I love a vehicle designed to get a job done, which is probably why I have such an affinity for vans. Unlike pickups, which typically drive around empty and get treated like cars by owners, vans always seem to be rushing to job sites, hauling people around, or delivering cargo. I’ve spent a lot of time over the past couple years with vans such as the Mercedes-Benz Sprinter 4×4 and Ram Promaster, so with when I had to move across town I got my hands on the updated 2017 Nissan NV 3500 High Roof SL V8 to see how the lone Japanese commercial van in the U.S. competes. Here are four things I learned:
It’s the Goldilocks of vans, filling the gap between American-style and European-style vans
The Nissan NV 3500 HD High Roof is a hybrid of sorts between traditional pickup-based American-style vans such as the Chevrolet Express or old Ford Econoline and European-style single-box, high-roof designs such as the Mercedes-Benz Sprinter or Ford Transit. A short-roof version exists, but the high-roof Nissan NV marries the functionality of walk-through European vans with the footprint of American vans.
Loading is a pain
One of the biggest benefits of European-style, full-size vans is their low step-in and lift-over heights—in other words they’re typically easier to get into and easier to load because the cargo areas aren’t far off the ground. The lift-over height for the Ram Promaster, for example, is just 21 inches, making loading a pretty easy affair. American-styled vans are typically higher off the ground due to their pickup underpinnings. The previous-generation Nissan Titan-based NV is no exception. The NV 3500’s step-in height is about 20 inches, and the load-floor is another 8.5 inches above that, at 28.5 inches.

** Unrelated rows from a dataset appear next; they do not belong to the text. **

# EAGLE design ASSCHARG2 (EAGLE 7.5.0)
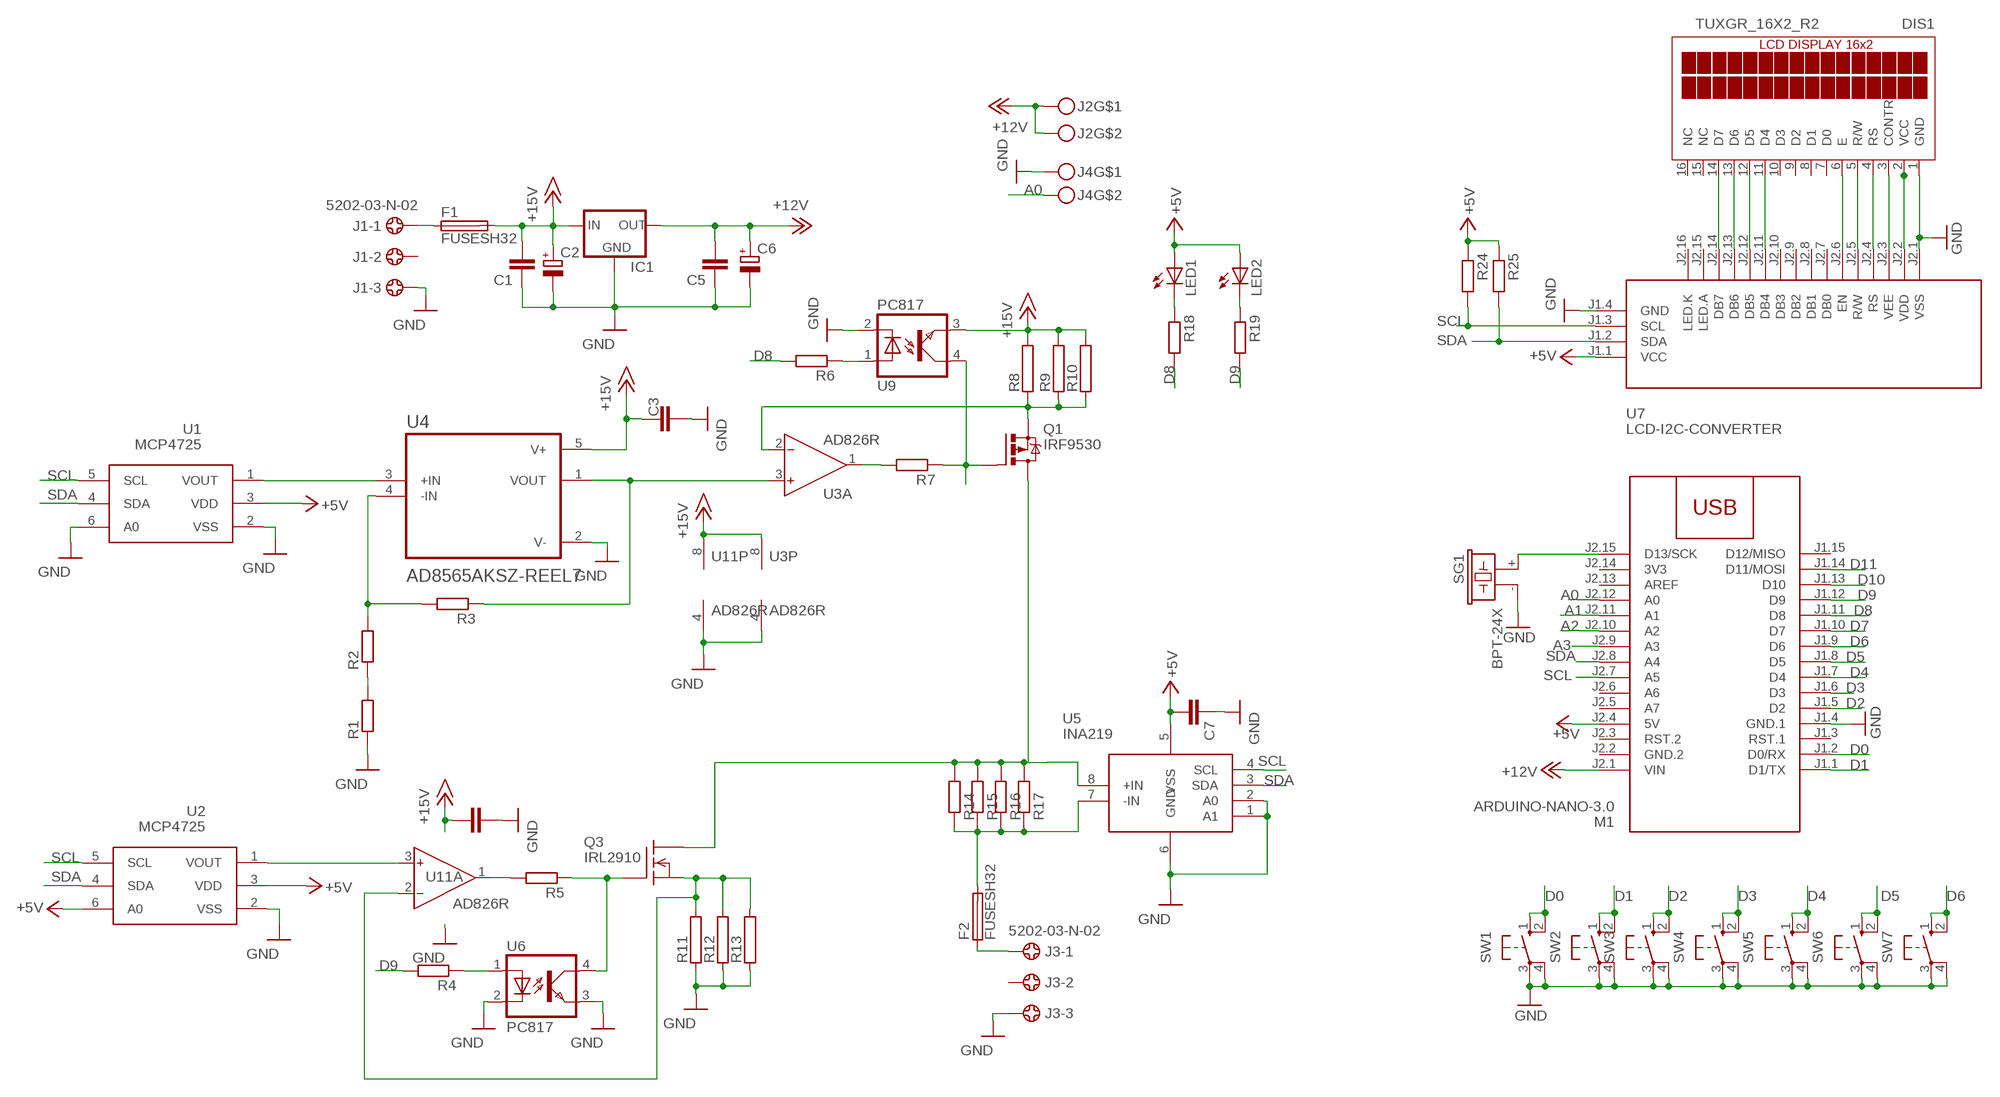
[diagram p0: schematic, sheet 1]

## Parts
C1  C-EUC1206  [C1206]
C2  CPOL-EUE5-10.5  [E5-10,5]
C3  C-EUC1206  [C1206]
C4  C-EUC1206  [C1206]
C5  C-EUC1206  [C1206]
C6  CPOL-EUE2.5-7  [E2,5-7]
C7  C-EUC1206  [C1206]
DIS1  TUXGR_16X2_R2  [TUXGR_16X2_R2]
F1  FUSESH32  [SH32]
F2  FUSESH32  [SH32]
IC1  78XXL  [78XXL]
J1  5202-03-N-02  [5202-03-N-02]
J2  MKDSN1,5-2-5,08  [MKDSN1,5-2-5,08]
J3  5202-03-N-02  [5202-03-N-02]
J4  MKDSN1,5-2-5,08  [MKDSN1,5-2-5,08]
LED1  LED5MM  [LED5MM]
LED2  LED5MM  [LED5MM]
M1  ARDUINO-NANO-3.0  [ARDUINO-NANO-3.0]
Q1  IRF9530  [TO220BV]
Q3  IRL2910  SUP75N06-08  [TO220]
R1  R-EU_R1206  [R1206]
R2  R-EU_R1206  [R1206]
R3  R-EU_R1206  [R1206]
R4  R-EU_R1206  [R1206]
R5  R-EU_R1206  [R1206]
R6  R-EU_R1206  [R1206]
R7  R-EU_R1206  [R1206]
R8  RAC07  [AC07]
R9  RAC07  [AC07]
R10  RAC07  [AC07]
R11  RAC07  [AC07]
R12  RAC07  [AC07]
R13  RAC07  [AC07]
R14  R-EU_R2512  [R2512]
R15  R-EU_R2512  [R2512]
R16  R-EU_R2512  [R2512]
R17  R-EU_R2512  [R2512]
R18  R-EU_R1206  [R1206]
R19  R-EU_R1206  [R1206]
R24  R-EU_R1206  [R1206]
R25  R-EU_R1206  [R1206]
SG1  BPT-24X  [BPT-24X]
SW1  10-XX  [B3F-10XX]
SW2  10-XX  [B3F-10XX]
SW3  10-XX  [B3F-10XX]
SW4  10-XX  [B3F-10XX]
SW5  10-XX  [B3F-10XX]
SW6  10-XX  [B3F-10XX]
SW7  10-XX  [B3F-10XX]
U1  MCP4725  [SOT23-6]
U2  MCP4725  [SOT23-6]
U3  AD826R  [SO8]
U4  AD8565AKSZ-REEL7  [SOT65P210X110-5N]
U5  INA219  [SO08]
U6  PC817  [DIL04]
U7  LCD-I2C-CONVERTER  [LCD-I2C-CONVERTER]
U9  PC817  [DIL04]
U11  AD826R  [SO8]

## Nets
+5V: C7.2 LED1.A LED2.A M1.J2.4(5V) R24.1 R25.1 U1.3(VDD) U2.3(VDD) U2.6(A0) U5.5(VSS) U7.J1.1(VCC)
+12V: C5.2 C6.+ IC1.OUT J2.1 J2.2 M1.J2.1(VIN)
+15V: C1.2 C2.+ C3.1 C4.1 F1.2A IC1.IN R8.2 R9.2 R10.2 U3.8(P:V+) U4.5(V+) U9.3(EMIT) U11.8(P:V+)
A0: J4.2 M1.J2.12(A0)
A1: M1.J2.11(A1)
A2: M1.J2.10(A2)
A3: M1.J2.9(A3)
D0: M1.J1.2(D0/RX) SW1.1(S) SW1.2(S1)
D1: M1.J1.1(D1/TX) SW2.1(S) SW2.2(S1)
D2: M1.J1.5(D2) SW3.1(S) SW3.2(S1)
D3: M1.J1.6(D3) SW4.1(S) SW4.2(S1)
D4: M1.J1.7(D4) SW5.1(S) SW5.2(S1)
D5: M1.J1.8(D5) SW6.1(S) SW6.2(S1)
D6: M1.J1.9(D6) SW7.1(S) SW7.2(S1)
D7: M1.J1.10(D7)
D8: M1.J1.11(D8) R6.2 R18.2
D9: M1.J1.12(D9) R4.2 R19.2
D10: M1.J1.13(D10)
D11: M1.J1.14(D11/MOSI)
GND: C1.1 C2.- C3.2 C4.2 C5.1 C6.- C7.1 DIS1.1(GND) IC1.GND J1.3 J3.3 J4.1 M1.J1.4(GND.1) R1.1 R11.1 R12.1 R13.1 SG1.- SW1.3(P) SW1.4(P1) SW2.3(P) SW2.4(P1) SW3.3(P) SW3.4(P1) SW4.3(P) SW4.4(P1) SW5.3(P) SW5.4(P1) SW6.3(P) SW6.4(P1) SW7.3(P) SW7.4(P1) U1.2(VSS) U1.6(A0) U2.2(VSS) U3.4(P:V-) U4.2(V-) U5.1(A1) U5.2(A0) U5.6(GND) U6.2(C) U6.3(EMIT) U7.J1.4(GND) U7.J2.1(VSS) U9.2(C) U11.4(P:V-)
N$1: DIS1.14(D7) U7.J2.14(DB7)
N$2: DIS1.13(D6) U7.J2.13(DB6)
N$3: DIS1.12(D5) U7.J2.12(DB5)
N$4: DIS1.11(D4) U7.J2.11(DB4)
N$5: DIS1.6(E) U7.J2.6(EN)
N$6: DIS1.5(R/W) U7.J2.5(R/W)
N$7: DIS1.4(RS) U7.J2.4(RS)
N$8: U2.1(VOUT) U11.3(A:IN+)
N$9: R2.2 R3.2 U4.4(-IN)
N$10: DIS1.3(CONTR) U7.J2.3(VEE)
N$11: DIS1.2(VCC) U7.J2.2(VDD)
N$12: R1.2 R2.1
N$13: R3.1 U3.3(A:IN+) U4.1(VOUT)
N$14: U1.1(VOUT) U4.3(+IN)
N$15: R5.2 U11.1(A:OUT)
N$16: Q3.1(G) R5.1 U6.4(COL)
N$17: Q3.3(S) R11.2 R12.2 R13.2 U11.2(A:IN-)
N$18: F2.2A R14.1 R15.1 R16.1 R17.1 U5.7(-IN)
N$19: R4.1 U6.1(A)
N$21: R6.1 U9.1(A)
N$22: Q1.G R7.1 U9.4(COL)
N$23: Q1.D Q3.2(D) R14.2 R15.2 R16.2 R17.2 U5.8(+IN)
N$24: Q1.S R8.1 R9.1 R10.1 U3.2(A:IN-)
N$25: LED1.K(C) R18.1
N$26: R7.2 U3.1(A:OUT)
N$27: LED2.K(C) R19.1
N$28: M1.J2.15(D13/SCK) SG1.+
N$29: F1.1A J1.1
N$30: F2.1A J3.1
SCL: M1.J2.7(A5) R24.2 U1.5(SCL) U2.5(SCL) U5.4(SCL) U7.J1.3(SCL)
SDA: M1.J2.8(A4) R25.2 U1.4(SDA) U2.4(SDA) U5.3(SDA) U7.J1.2(SDA)
Unconnected: DIS1.7(D0) DIS1.8(D1) DIS1.9(D2) DIS1.10(D3) DIS1.15(NC) DIS1.16(NC) J1.2 J3.2 M1.J1.3(RST.1) M1.J1.15(D12/MISO) M1.J2.3(RST.2) M1.J2.5(A7) M1.J2.6(A6) M1.J2.13(AREF) U3.5(B:IN+) U3.6(B:IN-) U3.7(B:OUT) U7.J2.7(DB0) U7.J2.8(DB1) U7.J2.9(DB2) U7.J2.10(DB3) U7.J2.15(LED.A) U7.J2.16(LED.K) U11.5(B:IN+) U11.6(B:IN-) U11.7(B:OUT)

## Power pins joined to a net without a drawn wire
3V3: M1.J2.14(3V3)
GND.2: M1.J2.2(GND.2)

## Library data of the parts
C1 C3-C5 C7 = rcl:C-EU: CAPACITOR, European symbol
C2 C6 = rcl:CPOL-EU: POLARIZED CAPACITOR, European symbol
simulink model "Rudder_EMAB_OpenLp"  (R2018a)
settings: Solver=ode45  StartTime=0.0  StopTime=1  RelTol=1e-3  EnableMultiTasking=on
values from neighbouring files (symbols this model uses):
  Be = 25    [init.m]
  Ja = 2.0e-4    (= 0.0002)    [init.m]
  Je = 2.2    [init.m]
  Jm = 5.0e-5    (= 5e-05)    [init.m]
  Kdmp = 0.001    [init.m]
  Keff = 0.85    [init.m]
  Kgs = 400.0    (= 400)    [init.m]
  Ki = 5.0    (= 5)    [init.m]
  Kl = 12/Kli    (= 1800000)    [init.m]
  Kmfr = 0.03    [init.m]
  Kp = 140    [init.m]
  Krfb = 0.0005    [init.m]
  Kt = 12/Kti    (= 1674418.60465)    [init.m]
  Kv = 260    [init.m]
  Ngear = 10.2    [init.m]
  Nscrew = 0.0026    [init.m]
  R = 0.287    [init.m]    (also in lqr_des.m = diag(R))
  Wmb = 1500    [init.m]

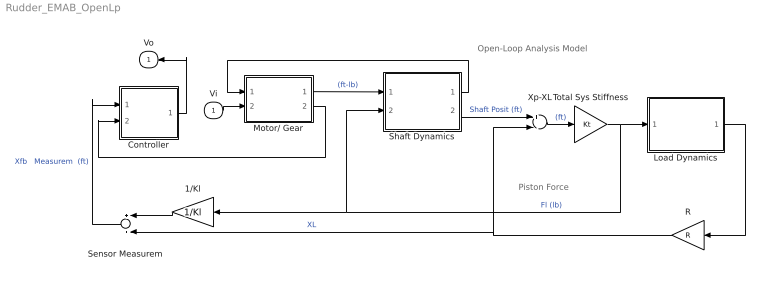
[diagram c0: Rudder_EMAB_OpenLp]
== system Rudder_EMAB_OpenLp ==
  note: Piston Force
  note: Open-Loop Analysis Model
  Vi : Inport
  1/Kl : Gain  Gain=1/Kl
  Controller : Subsystem
  Load Dynamics : Subsystem
  Motor/ Gear : Subsystem
  R : Gain  Gain=R
  Sensor Measurem : Sum
  Shaft Dynamics : Subsystem
  Total Sys Stiffness : Gain  Gain=Kt
  Xp-XL : Sum  Inputs=+-
  Vo : Outport
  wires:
  Shaft Dynamics/2(Xp) -> Xp-XL/1  "Shaft Posit (ft)"
  Xp-XL/1 -> Total Sys Stiffness/1  "(ft)"
  Total Sys Stiffness/1 -> Load Dynamics/1(FL), 1/Kl/1, Shaft Dynamics/2(FL)  "Fl (lb)"
  1/Kl/1 -> Sensor Measurem/1
  Motor/ Gear/1(Tm) -> Shaft Dynamics/1(Tq-mot)  "(ft-lb)"
  Load Dynamics/1(Delta (rad)) -> R/1
  Sensor Measurem/1 -> Controller/1(Xp-fb)  "Xfb   Measurem  (ft)"
  Shaft Dynamics/1(Xp-dot) -> Motor/ Gear/1(Xp-dot)
  R/1 -> Sensor Measurem/2, Xp-XL/2  "XL"
  Motor/ Gear/2(mr) -> Controller/2(rotor)
  Vi/1 -> Motor/ Gear/2(Vin)
  Controller/1(V) -> Vo/1

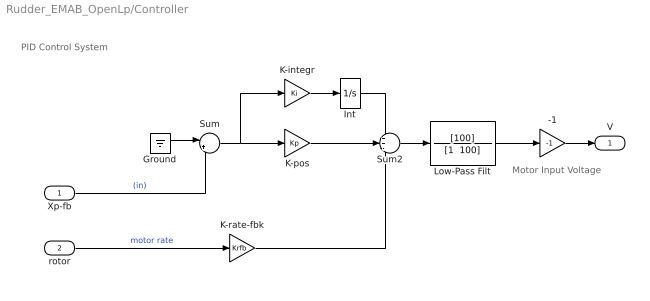
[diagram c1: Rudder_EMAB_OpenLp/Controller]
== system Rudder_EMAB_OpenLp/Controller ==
  note: PID Control System
  note: Motor Input Voltage
  Xp-fb : Inport
  rotor : Inport  Port=2
  -1 : Gain  Gain=-1
  Ground : Ground
  Int : Integrator  UpperSaturationLimit=1  LowerSaturationLimit=-1
  K-integr : Gain  Gain=Ki
  K-pos : Gain  Gain=Kp
  K-rate-fbk : Gain  Gain=Krfb
  Low-Pass Filt : TransferFcn  Numerator=[100]  Denominator="[1  100]"
  Sum : Sum  Inputs=|+-
  Sum2 : Sum  Inputs=++-
  V : Outport
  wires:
  K-rate-fbk/1 -> Sum2/3
  Int/1 -> Sum2/1
  K-integr/1 -> Int/1
  K-pos/1 -> Sum2/2
  Sum2/1 -> Low-Pass Filt/1
  rotor/1 -> K-rate-fbk/1  "motor rate"
  Sum/1 -> K-integr/1, K-pos/1
  Xp-fb/1 -> Sum/2  "(in)"
  Low-Pass Filt/1 -> -1/1
  -1/1 -> V/1
  Ground/1 -> Sum/1

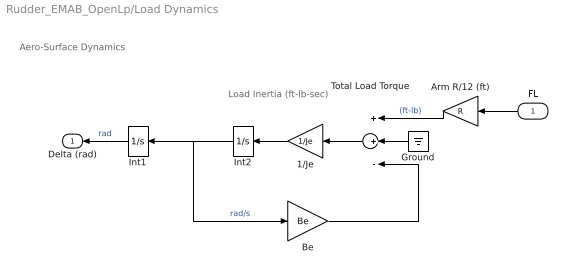
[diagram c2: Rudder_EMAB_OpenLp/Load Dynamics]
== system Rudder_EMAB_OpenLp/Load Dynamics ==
  note: Aero-Surface Dynamics
  note: Load Inertia (ft-lb-sec)
  FL : Inport
  1/Je : Gain  Gain=1/Je
  Arm R/12 (ft) : Gain  Gain=R
  Be : Gain  Gain=Be
  Ground : Ground
  Int1 : Integrator
  Int2 : Integrator
  Total Load Torque : Sum  Inputs=++-
  Delta (rad) : Outport
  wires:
  Be/1 -> Total Load Torque/3
  Total Load Torque/1 -> 1/Je/1
  Int1/1 -> Delta (rad)/1  "rad"
  Int2/1 -> Be/1, Int1/1  "rad/s"
  1/Je/1 -> Int2/1
  FL/1 -> Arm R/12 (ft)/1
  Arm R/12 (ft)/1 -> Total Load Torque/1  "(ft-lb)"
  Ground/1 -> Total Load Torque/2

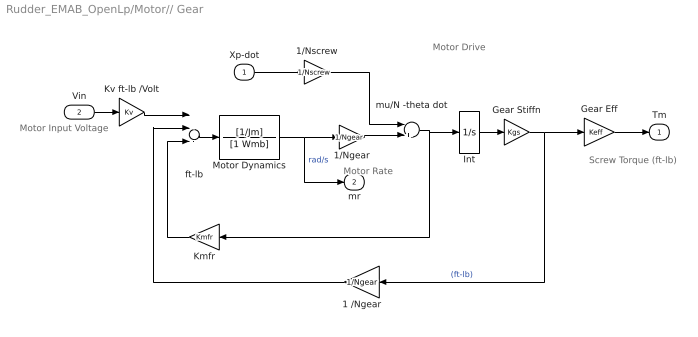
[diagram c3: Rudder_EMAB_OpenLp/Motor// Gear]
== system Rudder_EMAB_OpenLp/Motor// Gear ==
  note: Motor Drive
  note: Motor Input Voltage
  note: Motor Rate
  note: Screw Torque (ft-lb)
  Xp-dot : Inport
  Vin : Inport  Port=2
  1 /Ngear : Gain  Gain=1/Ngear
  1/Ngear : Gain  Gain=1/Ngear
  1/Nscrew : Gain  Gain=1/Nscrew
  Gear Eff : Gain  Gain=Keff
  Gear Stiffn : Gain  Gain=Kgs
  Int : Integrator  UpperSaturationLimit=0.4  LowerSaturationLimit=-0.4
  Kmfr : Gain  Gain=Kmfr
  Kv ft-lb /Volt : Gain  Gain=Kv
  Motor Dynamics : TransferFcn  Numerator=[1/Jm]  Denominator=[1 Wmb]
  ft-lb : Sum  Inputs=+---
  mu/N -theta dot : Sum  Inputs=-+
  Tm : Outport
  mr : Outport  Port=2
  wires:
  mu/N -theta dot/1 -> Int/1, Kmfr/1
  ft-lb/1 -> Motor Dynamics/1
  1 /Ngear/1 -> ft-lb/2
  Motor Dynamics/1 -> 1/Ngear/1, mr/1  "rad/s"
  1/Ngear/1 -> mu/N -theta dot/2
  Gear Stiffn/1 -> 1 /Ngear/1, Gear Eff/1  "(ft-lb)"
  Xp-dot/1 -> 1/Nscrew/1
  Vin/1 -> Kv ft-lb /Volt/1
  Gear Eff/1 -> Tm/1
  Kv ft-lb /Volt/1 -> ft-lb/1
  1/Nscrew/1 -> mu/N -theta dot/1
  Kmfr/1 -> ft-lb/3
  Int/1 -> Gear Stiffn/1

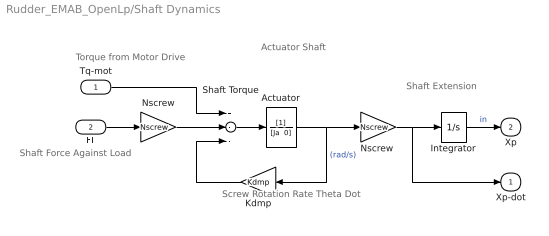
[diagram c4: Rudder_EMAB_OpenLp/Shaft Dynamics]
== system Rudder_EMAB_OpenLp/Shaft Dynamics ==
  note: Actuator Shaft
  note: Torque from Motor Drive
  note: Shaft Force Against Load
  note: Screw Rotation Rate Theta Dot
  note: Shaft Extension
  Tq-mot : Inport
  FL : Inport  Port=2
  Actuator : TransferFcn  Denominator="[Ja  0]"
  Integrator : Integrator
  Kdmp : Gain  Gain=Kdmp
  Nscrew : Gain  Gain=Nscrew
  "Nscrew " : Gain  Gain=Nscrew
  Shaft Torque : Sum  Inputs=+--
  Xp-dot : Outport
  Xp : Outport  Port=2
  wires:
  Actuator/1 -> "Nscrew "/1, Kdmp/1  "(rad/s)"
  Shaft Torque/1 -> Actuator/1
  Tq-mot/1 -> Shaft Torque/1
  Integrator/1 -> Xp/1  "in"
  FL/1 -> Nscrew/1
  Nscrew/1 -> Shaft Torque/2
  "Nscrew "/1 -> Integrator/1, Xp-dot/1
  Kdmp/1 -> Shaft Torque/3

Getting into the cargo area from either the passenger-side sliding door or the back door requires me, at about 6’1” to take two large steps up into the cabin. The cargo area load floor is just below my waist level, making loading heavy cargo much more difficult than it has to be. It’d be a worthwhile trade-off if the NV offered four-wheel drive because it’s got ample ground clearance (side note—why don’t you, Nissan?), but it’s quite literally a pain otherwise.
Once up and in the NV 3500 High-Roof’s 323.1 cubic-foot cargo hold, the space is pretty useful. Although there isn’t much room lengthwise because Nissan only has one wheelbase and length option, there’s plenty of room to go up, a grippy vinyl floor covering, and six well-placed D-rings to tie down cargo around the load floor.
New 375-hp Endurance V-8 with seven-speed auto is beastly
The 2017 Nissan NV’s engine lineup really benefits from its Armada and Titan stablemates. While the Frontier pickup’s 261-hp 4.0-liter V-6 is still the base engine on NV 1500 and NV 2500 models, Nissan tosses its old 317-hp V-8 and its five-speed auto to the curb for 2017. In its place is the automaker’s latest Endurance V-8—a Tennessee-built 5.6-liter V-8 making a stout 375 hp and 385 lb-ft of torque, paired with a modern seven-speed automatic transmission.
The new V-8 powertrain, which is standard on NV 3500 models, is a huge improvement over the old.
When driving around town empty, the NV 3500 is downright quick. The new V-8 revs fast and has a ton of torque off the line—it sounds pretty damn good, too. The NV’s V-8 definitely doesn’t need more power, but I’d be lying if I said the thought of supercharged NV Nismo didn’t cross my mind more than once after wide-open throttle runs.
The new seven-speed is pretty smooth, too. In Normal drive mode it upshifts smartly, and isn’t afraid to drop down a few gears
The NV 3500 handles weight well, too. Although I don’t think I taxed our tester’s 3,550 pound (1,610 kg) payload, with the cargo area packed full of furniture and boxes, I certainly felt the weight that the engine was tasked with moving. But unlike some other full-size vans, the NV doesn’t struggle to accelerate or pass when loaded. The transmission smartens up loaded, too, holding gears longer and downshifting smartly to provide engine braking.
The EPA doesn’t test heavy-duty vehicles such as the NV 3500, but over 450 miles (724 km) of mixed driving empty and loaded on surface streets and highways, I averaged 13.9 mpg (16.9 L/100km).
It’s Surprisingly Cheap
Nissan offers the NV cargo van in five configurations: NV 1500, NV 2500, NV 2500 High-Roof, NV 3500, and NV 3500 High Roof. Prices range from $28,925 USD for a base NV 1500 to $35,375 USD for a NV 3500 High Roof like our tester. Our particular tester was a nearly loaded SL model. With the $1,100 USD Technology Package selected, our 2017 NV 3500 High Roof SL rolls off dealer lots for $38,940 USD.
That’s a steal compared to the top three segment best-sellers (ignoring the chassis cab-only Ford E-Series)—a comparabl -equipped Ford Transit with a long wheelbase, high roof, and EcoBoost engine goes for $44,725 USD, a V-8-equipped Chevrolet Express 3500 extended-length goes for $40,265 USD, and a Ram Promaster 3500 HD stickers for $41,900 USD. That’s a lot of van for the money any way you slice it.